## What the task requires
Copy out each line of the data below in which "drawing" appears.

# # # # # # #

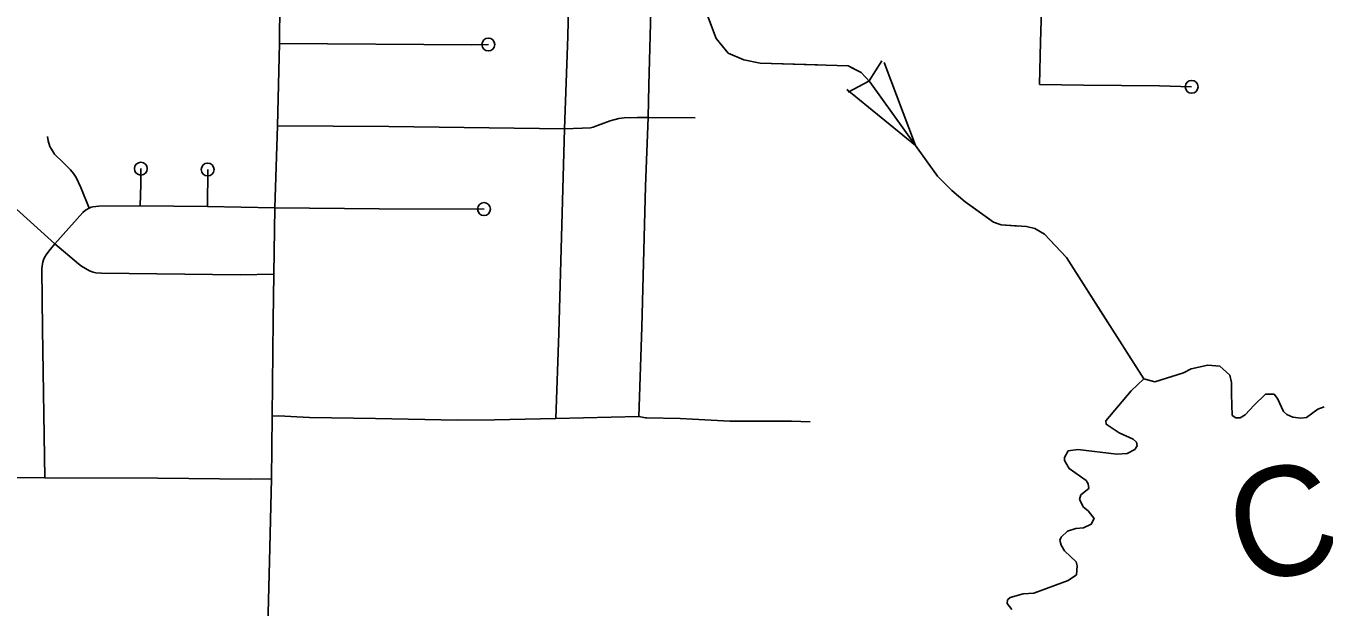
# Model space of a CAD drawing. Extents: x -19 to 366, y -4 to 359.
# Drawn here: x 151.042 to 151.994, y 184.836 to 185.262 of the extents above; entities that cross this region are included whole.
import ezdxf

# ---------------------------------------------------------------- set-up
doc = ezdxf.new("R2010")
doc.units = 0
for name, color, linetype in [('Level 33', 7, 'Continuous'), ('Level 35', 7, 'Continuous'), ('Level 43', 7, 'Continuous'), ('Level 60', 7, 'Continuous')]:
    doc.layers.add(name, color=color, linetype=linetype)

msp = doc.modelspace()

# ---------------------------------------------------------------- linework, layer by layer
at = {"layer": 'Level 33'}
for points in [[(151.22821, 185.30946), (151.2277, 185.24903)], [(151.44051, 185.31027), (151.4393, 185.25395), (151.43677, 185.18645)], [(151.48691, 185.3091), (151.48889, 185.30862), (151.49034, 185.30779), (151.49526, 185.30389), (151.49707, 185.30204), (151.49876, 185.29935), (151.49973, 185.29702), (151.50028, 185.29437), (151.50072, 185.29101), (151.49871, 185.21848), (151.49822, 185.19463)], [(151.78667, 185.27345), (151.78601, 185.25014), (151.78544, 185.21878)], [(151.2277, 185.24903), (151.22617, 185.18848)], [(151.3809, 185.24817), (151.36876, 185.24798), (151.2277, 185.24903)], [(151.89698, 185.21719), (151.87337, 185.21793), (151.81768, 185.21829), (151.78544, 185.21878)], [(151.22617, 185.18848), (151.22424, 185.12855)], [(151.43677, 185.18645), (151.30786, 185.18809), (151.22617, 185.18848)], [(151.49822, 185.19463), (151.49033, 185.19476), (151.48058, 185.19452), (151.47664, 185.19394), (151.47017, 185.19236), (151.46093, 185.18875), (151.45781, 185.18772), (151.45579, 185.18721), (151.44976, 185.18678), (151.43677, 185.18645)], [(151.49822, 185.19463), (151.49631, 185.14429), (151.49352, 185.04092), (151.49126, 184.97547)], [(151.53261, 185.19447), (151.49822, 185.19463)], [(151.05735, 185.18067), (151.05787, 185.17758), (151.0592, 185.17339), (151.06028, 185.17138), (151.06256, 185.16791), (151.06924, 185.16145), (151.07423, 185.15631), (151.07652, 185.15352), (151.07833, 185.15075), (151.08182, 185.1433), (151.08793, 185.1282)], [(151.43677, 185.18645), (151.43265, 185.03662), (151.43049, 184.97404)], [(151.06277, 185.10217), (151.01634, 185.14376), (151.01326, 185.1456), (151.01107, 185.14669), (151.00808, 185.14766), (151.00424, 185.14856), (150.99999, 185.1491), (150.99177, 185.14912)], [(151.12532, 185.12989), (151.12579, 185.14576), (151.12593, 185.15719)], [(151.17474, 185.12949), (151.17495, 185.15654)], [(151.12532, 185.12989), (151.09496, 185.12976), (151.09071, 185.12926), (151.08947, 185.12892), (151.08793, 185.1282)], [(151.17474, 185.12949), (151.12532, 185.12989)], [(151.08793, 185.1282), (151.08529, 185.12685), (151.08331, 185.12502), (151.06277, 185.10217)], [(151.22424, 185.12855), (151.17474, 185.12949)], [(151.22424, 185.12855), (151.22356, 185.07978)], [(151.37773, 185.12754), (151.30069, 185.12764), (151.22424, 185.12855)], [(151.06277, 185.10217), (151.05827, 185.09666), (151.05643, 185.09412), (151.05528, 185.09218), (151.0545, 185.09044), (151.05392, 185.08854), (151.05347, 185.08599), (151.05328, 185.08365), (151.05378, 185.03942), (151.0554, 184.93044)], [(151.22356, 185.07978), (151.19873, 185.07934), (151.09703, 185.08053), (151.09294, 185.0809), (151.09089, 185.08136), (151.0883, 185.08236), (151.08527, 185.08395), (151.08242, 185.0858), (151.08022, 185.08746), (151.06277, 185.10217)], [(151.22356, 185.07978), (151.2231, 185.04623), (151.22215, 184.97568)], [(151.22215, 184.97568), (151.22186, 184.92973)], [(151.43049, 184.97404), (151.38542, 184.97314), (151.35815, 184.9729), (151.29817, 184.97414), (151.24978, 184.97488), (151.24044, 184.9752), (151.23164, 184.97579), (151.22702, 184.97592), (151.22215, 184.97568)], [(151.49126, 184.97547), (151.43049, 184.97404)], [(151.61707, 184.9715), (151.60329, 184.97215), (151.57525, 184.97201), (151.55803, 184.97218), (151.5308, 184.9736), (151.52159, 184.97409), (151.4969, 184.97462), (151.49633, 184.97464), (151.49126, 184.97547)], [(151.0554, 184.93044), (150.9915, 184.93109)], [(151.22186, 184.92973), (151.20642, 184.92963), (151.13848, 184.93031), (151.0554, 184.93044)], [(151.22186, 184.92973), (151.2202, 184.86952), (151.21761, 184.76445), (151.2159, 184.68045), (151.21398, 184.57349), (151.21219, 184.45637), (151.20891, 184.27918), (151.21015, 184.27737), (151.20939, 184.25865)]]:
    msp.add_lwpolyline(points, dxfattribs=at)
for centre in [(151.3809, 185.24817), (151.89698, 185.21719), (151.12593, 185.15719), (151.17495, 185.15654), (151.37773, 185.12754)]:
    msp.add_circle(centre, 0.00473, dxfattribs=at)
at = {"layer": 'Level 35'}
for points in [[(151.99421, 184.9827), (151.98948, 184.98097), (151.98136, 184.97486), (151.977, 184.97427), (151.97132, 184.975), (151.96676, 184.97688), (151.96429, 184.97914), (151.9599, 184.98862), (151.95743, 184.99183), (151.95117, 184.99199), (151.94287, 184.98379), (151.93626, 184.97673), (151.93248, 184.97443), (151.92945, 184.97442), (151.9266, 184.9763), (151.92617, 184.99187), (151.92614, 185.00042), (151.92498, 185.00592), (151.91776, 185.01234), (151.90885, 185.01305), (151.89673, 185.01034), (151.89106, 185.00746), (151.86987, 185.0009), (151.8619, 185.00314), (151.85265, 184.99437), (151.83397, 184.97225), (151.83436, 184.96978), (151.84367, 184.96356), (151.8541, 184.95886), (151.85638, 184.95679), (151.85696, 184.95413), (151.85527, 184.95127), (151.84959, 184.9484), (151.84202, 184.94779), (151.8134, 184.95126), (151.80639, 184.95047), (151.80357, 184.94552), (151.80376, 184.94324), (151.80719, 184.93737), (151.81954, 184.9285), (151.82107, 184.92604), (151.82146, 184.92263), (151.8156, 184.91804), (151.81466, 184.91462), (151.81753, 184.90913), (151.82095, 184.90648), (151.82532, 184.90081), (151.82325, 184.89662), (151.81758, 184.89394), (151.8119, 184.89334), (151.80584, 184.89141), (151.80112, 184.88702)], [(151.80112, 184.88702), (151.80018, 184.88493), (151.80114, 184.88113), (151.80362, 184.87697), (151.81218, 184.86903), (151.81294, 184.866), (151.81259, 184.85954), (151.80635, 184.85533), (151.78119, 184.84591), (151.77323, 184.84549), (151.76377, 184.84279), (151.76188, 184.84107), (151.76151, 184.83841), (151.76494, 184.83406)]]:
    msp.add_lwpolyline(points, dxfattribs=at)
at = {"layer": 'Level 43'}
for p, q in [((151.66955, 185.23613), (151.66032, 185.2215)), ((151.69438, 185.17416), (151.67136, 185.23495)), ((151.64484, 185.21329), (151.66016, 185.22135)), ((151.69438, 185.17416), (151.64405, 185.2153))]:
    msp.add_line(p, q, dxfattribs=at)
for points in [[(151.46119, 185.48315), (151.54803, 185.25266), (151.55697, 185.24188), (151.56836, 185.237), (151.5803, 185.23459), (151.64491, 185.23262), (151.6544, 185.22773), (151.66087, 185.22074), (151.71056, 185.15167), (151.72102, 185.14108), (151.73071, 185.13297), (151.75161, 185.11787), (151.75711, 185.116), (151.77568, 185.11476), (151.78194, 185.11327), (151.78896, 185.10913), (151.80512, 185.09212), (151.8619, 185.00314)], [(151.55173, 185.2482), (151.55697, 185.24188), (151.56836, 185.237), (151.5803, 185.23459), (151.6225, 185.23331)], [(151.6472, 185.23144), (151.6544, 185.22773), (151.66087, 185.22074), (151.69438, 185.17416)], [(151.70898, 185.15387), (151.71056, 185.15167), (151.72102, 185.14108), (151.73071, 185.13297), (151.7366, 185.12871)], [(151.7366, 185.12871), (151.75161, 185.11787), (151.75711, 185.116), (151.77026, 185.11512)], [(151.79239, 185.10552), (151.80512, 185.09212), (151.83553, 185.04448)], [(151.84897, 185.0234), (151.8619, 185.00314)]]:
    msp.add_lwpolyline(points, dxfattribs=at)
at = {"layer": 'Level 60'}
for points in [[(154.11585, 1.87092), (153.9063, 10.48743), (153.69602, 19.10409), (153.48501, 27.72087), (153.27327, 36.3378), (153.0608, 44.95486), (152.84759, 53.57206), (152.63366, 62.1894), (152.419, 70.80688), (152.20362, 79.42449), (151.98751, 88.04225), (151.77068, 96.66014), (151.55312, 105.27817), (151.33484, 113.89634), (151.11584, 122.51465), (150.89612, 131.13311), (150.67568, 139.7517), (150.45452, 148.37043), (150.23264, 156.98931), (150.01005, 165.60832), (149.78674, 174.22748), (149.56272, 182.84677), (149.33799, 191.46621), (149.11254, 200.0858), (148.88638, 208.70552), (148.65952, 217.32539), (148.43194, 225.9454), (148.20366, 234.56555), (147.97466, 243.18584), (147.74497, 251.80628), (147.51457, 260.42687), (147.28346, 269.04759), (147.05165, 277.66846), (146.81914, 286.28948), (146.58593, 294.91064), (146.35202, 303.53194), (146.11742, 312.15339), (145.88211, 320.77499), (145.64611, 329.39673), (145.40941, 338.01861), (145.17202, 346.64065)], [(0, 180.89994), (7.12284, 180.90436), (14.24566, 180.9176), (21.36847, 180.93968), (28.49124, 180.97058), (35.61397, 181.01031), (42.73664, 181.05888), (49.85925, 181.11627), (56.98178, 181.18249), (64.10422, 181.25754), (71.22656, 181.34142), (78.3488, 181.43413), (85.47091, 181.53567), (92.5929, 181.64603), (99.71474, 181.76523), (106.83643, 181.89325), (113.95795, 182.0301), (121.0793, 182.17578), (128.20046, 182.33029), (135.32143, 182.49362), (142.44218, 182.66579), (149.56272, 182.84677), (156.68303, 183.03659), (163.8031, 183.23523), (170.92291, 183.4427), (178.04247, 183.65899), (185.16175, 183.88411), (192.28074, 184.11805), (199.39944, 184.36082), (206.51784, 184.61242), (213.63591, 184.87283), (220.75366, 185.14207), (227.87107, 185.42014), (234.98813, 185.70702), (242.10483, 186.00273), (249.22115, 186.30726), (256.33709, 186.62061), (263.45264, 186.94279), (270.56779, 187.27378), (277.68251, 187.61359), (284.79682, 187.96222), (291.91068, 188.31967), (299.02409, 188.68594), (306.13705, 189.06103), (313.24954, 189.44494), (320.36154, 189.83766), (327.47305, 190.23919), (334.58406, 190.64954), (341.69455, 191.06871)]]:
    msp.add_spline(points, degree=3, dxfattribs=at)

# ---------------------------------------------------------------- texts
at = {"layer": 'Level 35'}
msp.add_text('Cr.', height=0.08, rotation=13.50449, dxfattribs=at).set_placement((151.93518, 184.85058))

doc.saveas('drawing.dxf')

# # # # # # #

## Written solution
# Model space of a CAD drawing. Extents: x -19 to 366, y -4 to 359.
doc.saveas('drawing.dxf')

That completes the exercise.